> What to produce
Pictures stay out; everything else in the listing below is to be restated word for word.

> Records supplied
- - -

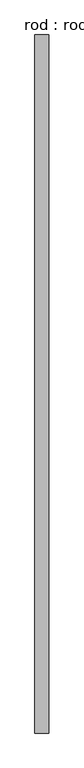
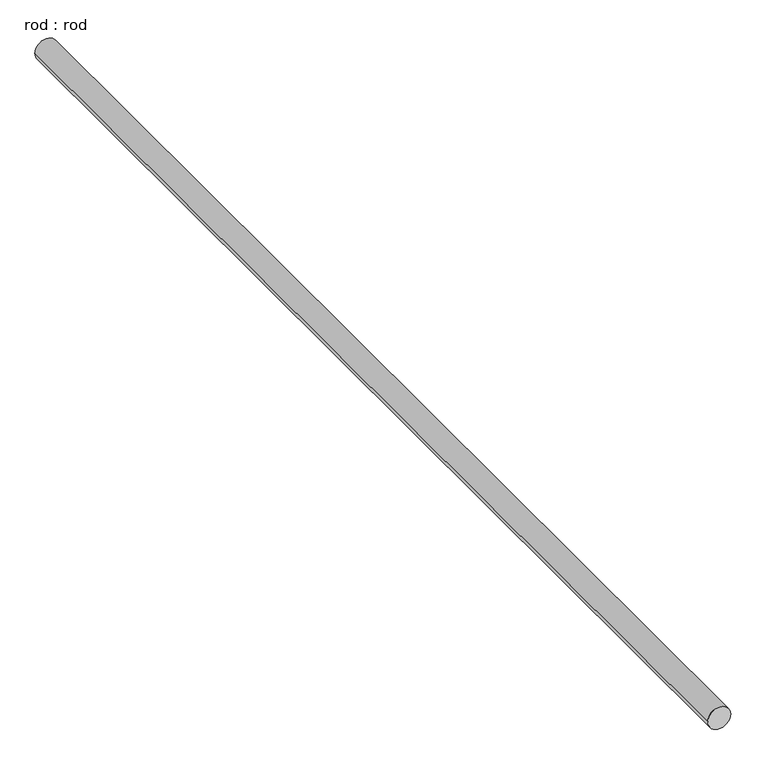
"""IFC4 building model written with IfcOpenShell, lengths in millimetres: proxy geometry, rod : rod."""

from ifc_helpers import new_model, si_unit, point, frame, frame_2d, origin, place, context, project, spatial, circle_curve, trimmed, segment, composite_curve, outline, extrude, source, transform, mapped, element, save


def rod_rod_d2c854aa(model_context):
    return source(origin(), model_context, "Body", "SweptSolid", [
        extrude(outline(composite_curve([segment(trimmed(circle_curve(frame_2d((0.0108462, 0.0)), 200.0), [point((0.0108462, 200.0))], [point((0.0108462, -200.0))], False, "CARTESIAN"), True, "CONTINUOUS"), segment(trimmed(circle_curve(frame_2d((0.0108462, 0.0)), 200.0), [point((0.0108462, -200.0))], [point((0.0108462, 200.0))], False, "CARTESIAN"), True, "CONTINUOUS")], self_intersect=False)), frame((0.0, -6074.9023925, 0.0), z_axis=(0.0, 1.0, 0.0), x_axis=(0.0, 0.0, 1.0)), (0.0, 0.0, 1.0), 20335.2620158),
    ])


if __name__ == "__main__":
    model = new_model("IFC4")
    model_context = context("Model", 3, world=origin())
    ifc_project = project(units=[si_unit("LENGTHUNIT", "METRE", prefix="MILLI")], contexts=[model_context])
    site = spatial("IfcSite", under=ifc_project)
    building = spatial("IfcBuilding", under=site)
    placement = place(None, origin())
    rod_rod_shape = rod_rod_d2c854aa(model_context)
    element("IfcBuildingElementProxy", 1, Name="rod : rod", ObjectType="rod : rod", at=placement, inside=building, context=model_context, shape_type="MappedRepresentation", body=[
        mapped(rod_rod_shape, transform((0.0, 0.0, 0.0), x_axis=(1.0, 0.0, 0.0), y_axis=(0.0, 1.0, 0.0), z_axis=(0.0, 0.0, 1.0))),
    ])
    save(model, "model.ifc")

# Revit data of these elements
# Type "rod : rod"
#   Default Elevation = 0

- - -

> Response area
"""IFC4 building model written with IfcOpenShell, lengths in millimetres: proxy geometry, rod : rod."""

from ifc_helpers import new_model, si_unit, point, frame, frame_2d, origin, place, context, project, spatial, circle_curve, trimmed, segment, composite_curve, outline, extrude, source, transform, mapped, element, save


def rod_rod_d2c854aa(model_context):
    return source(origin(), model_context, "Body", "SweptSolid", [
        extrude(outline(composite_curve([segment(trimmed(circle_curve(frame_2d((0.0108462, 0.0)), 200.0), [point((0.0108462, 200.0))], [point((0.0108462, -200.0))], False, "CARTESIAN"), True, "CONTINUOUS"), segment(trimmed(circle_curve(frame_2d((0.0108462, 0.0)), 200.0), [point((0.0108462, -200.0))], [point((0.0108462, 200.0))], False, "CARTESIAN"), True, "CONTINUOUS")], self_intersect=False)), frame((0.0, -6074.9023925, 0.0), z_axis=(0.0, 1.0, 0.0), x_axis=(0.0, 0.0, 1.0)), (0.0, 0.0, 1.0), 20335.2620158),
    ])


if __name__ == "__main__":
    model = new_model("IFC4")
    model_context = context("Model", 3, world=origin())
    ifc_project = project(units=[si_unit("LENGTHUNIT", "METRE", prefix="MILLI")], contexts=[model_context])
    site = spatial("IfcSite", under=ifc_project)
    building = spatial("IfcBuilding", under=site)
    placement = place(None, origin())
    rod_rod_shape = rod_rod_d2c854aa(model_context)
    element("IfcBuildingElementProxy", 1, Name="rod : rod", ObjectType="rod : rod", at=placement, inside=building, context=model_context, shape_type="MappedRepresentation", body=[
        mapped(rod_rod_shape, transform((0.0, 0.0, 0.0), x_axis=(1.0, 0.0, 0.0), y_axis=(0.0, 1.0, 0.0), z_axis=(0.0, 0.0, 1.0))),
    ])
    save(model, "model.ifc")

# Revit data of these elements
# Type "rod : rod"
#   Default Elevation = 0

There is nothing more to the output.